创建“其他”领域 [英] Creating an "other" field
问题描述
现在,我有以下数据框架,由 original.df%创建。%group_by(Category)%。%tally()%。%arrange(desc(n))
。
Right now, I have the following data.frame which was created by original.df %.% group_by(Category) %.% tally() %.% arrange(desc(n))
.
DF <- structure(list(Category = c("E", "K", "M", "L", "I", "A",
"S", "G", "N", "Q"), n = c(163051, 127133, 106680, 64868, 49701,
47387, 47096, 45601, 40056, 36882)), .Names = c("Category",
"n"), row.names = c(NA, 10L), class = c("tbl_df", "tbl", "data.frame"
))
Category n
1 E 163051
2 K 127133
3 M 106680
4 L 64868
5 I 49701
6 A 47387
7 S 47096
8 G 45601
9 N 40056
10 Q 36882
我想从底部排名的其他字段创建n。即
I want to create an "Other" field from the bottom ranked Categories by n. i.e.
Category n
1 E 163051
2 K 127133
3 M 106680
4 L 64868
5 I 49701
6 Other 217022
现在,我正在做
rbind(filter(DF, rank(rev(n)) <= 5),
summarise(filter(DF, rank(rev(n)) > 5), Category = "Other", n = sum(n)))
将所有不在前5名的类别折叠到其他类别中。
which collapses all categories not in the top 5 into the Other category.
但我很好奇是否有更好的方式在 dplyr
或其他现有的包中。 更好我的意思是更简洁/可读。我也有兴趣使用更聪明或更灵活的方法来选择其他
。
But I'm curious whether there's a better way in dplyr
or some other existing package. By "better" I mean more succinct/readable.

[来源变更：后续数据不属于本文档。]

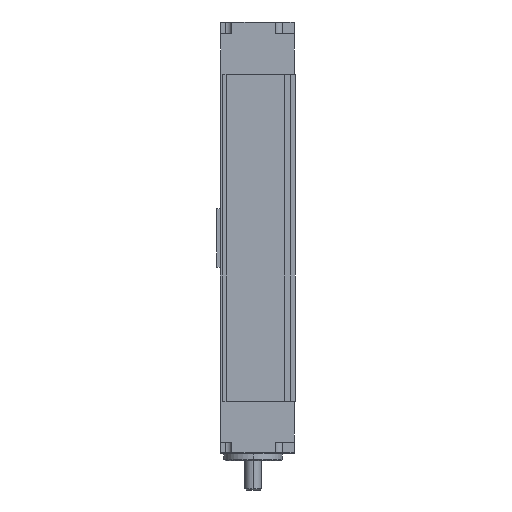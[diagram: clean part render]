
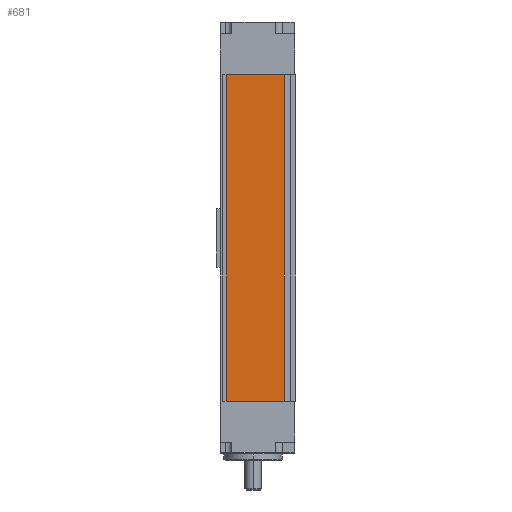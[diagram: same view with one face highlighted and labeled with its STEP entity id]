
A CAD part, left-side view. The second image highlights one B-rep face of the part: STEP entity #681.
In plain terms, the highlighted planar face has unit normal (-1, 0, 0).
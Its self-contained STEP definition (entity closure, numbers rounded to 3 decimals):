
#560 = VERTEX_POINT ( 'NONE', #2464 ) ;
#569 = EDGE_CURVE ( 'NONE', #560, #1483, #2518, .T. ) ;
#650 = ORIENTED_EDGE ( 'NONE', *, *, #569, .T. ) ;
#653 = ORIENTED_EDGE ( 'NONE', *, *, #670, .F. ) ;
#670 = EDGE_CURVE ( 'NONE', #1258, #1483, #2410, .T. ) ;
#675 = ORIENTED_EDGE ( 'NONE', *, *, #677, .T. ) ;
#677 = EDGE_CURVE ( 'NONE', #1255, #560, #2718, .T. ) ;
#681 = ADVANCED_FACE ( 'NONE', ( #2703 ), #2695, .F. ) ;
#690 = EDGE_LOOP ( 'NONE', ( #653, #703, #675, #650 ) ) ;
#703 = ORIENTED_EDGE ( 'NONE', *, *, #8527, .F. ) ;
#1255 = VERTEX_POINT ( 'NONE', #3669 ) ;
#1258 = VERTEX_POINT ( 'NONE', #3665 ) ;
#1483 = VERTEX_POINT ( 'NONE', #4068 ) ;
#2410 = LINE ( 'NONE', #2418, #2434 ) ;
#2417 = DIRECTION ( 'NONE',  ( 0., 0., -1. ) ) ;
#2418 = CARTESIAN_POINT ( 'NONE',  ( -75., -26.9, 280. ) ) ;
#2434 = VECTOR ( 'NONE', #2417, 1000. ) ;
#2464 = CARTESIAN_POINT ( 'NONE',  ( -75., 23.2, 0. ) ) ;
#2501 = DIRECTION ( 'NONE',  ( 0., -1., 0. ) ) ;
#2502 = VECTOR ( 'NONE', #2501, 1000. ) ;
#2503 = CARTESIAN_POINT ( 'NONE',  ( -75., -36., 0. ) ) ;
#2518 = LINE ( 'NONE', #2503, #2502 ) ;
#2687 = DIRECTION ( 'NONE',  ( 0., 0., -1. ) ) ;
#2688 = DIRECTION ( 'NONE',  ( 1., 0., 0. ) ) ;
#2689 = CARTESIAN_POINT ( 'NONE',  ( -75., -36., 280. ) ) ;
#2690 = AXIS2_PLACEMENT_3D ( 'NONE', #2689, #2688, #2687 ) ;
#2695 = PLANE ( 'NONE',  #2690 ) ;
#2703 = FACE_OUTER_BOUND ( 'NONE', #690, .T. ) ;
#2704 = DIRECTION ( 'NONE',  ( 0., 0., -1. ) ) ;
#2705 = VECTOR ( 'NONE', #2704, 1000. ) ;
#2717 = CARTESIAN_POINT ( 'NONE',  ( -75., 23.2, 280. ) ) ;
#2718 = LINE ( 'NONE', #2717, #2705 ) ;
#3665 = CARTESIAN_POINT ( 'NONE',  ( -75., -26.9, 280. ) ) ;
#3669 = CARTESIAN_POINT ( 'NONE',  ( -75., 23.2, 280. ) ) ;
#4068 = CARTESIAN_POINT ( 'NONE',  ( -75., -26.9, 0. ) ) ;
#6187 = DIRECTION ( 'NONE',  ( 0., -1., 0. ) ) ;
#6188 = VECTOR ( 'NONE', #6187, 1000. ) ;
#6189 = CARTESIAN_POINT ( 'NONE',  ( -75., -36., 280. ) ) ;
#6195 = LINE ( 'NONE', #6189, #6188 ) ;
#8527 = EDGE_CURVE ( 'NONE', #1255, #1258, #6195, .T. ) ;

I'm also interested in methods with cleverer or more flexible ways to choose Other
.
推荐答案
不同的包/不同的语法版本:
Different package/different syntax version:
library(data.table)
dt = as.data.table(DF)
dt[order(-n), # your data is already sorted, so this does nothing for it
if (.BY[[1]]) .SD else list("Other", sum(n)),
by = 1:nrow(dt) <= 5][, !"nrow", with = F]
# Category n
#1: E 163051
#2: K 127133
#3: M 106680
#4: L 64868
#5: I 49701
#6: Other 217022
这篇关于创建“其他”领域的文章就介绍到这了,希望我们推荐的答案对大家有所帮助,也希望大家多多支持IT屋!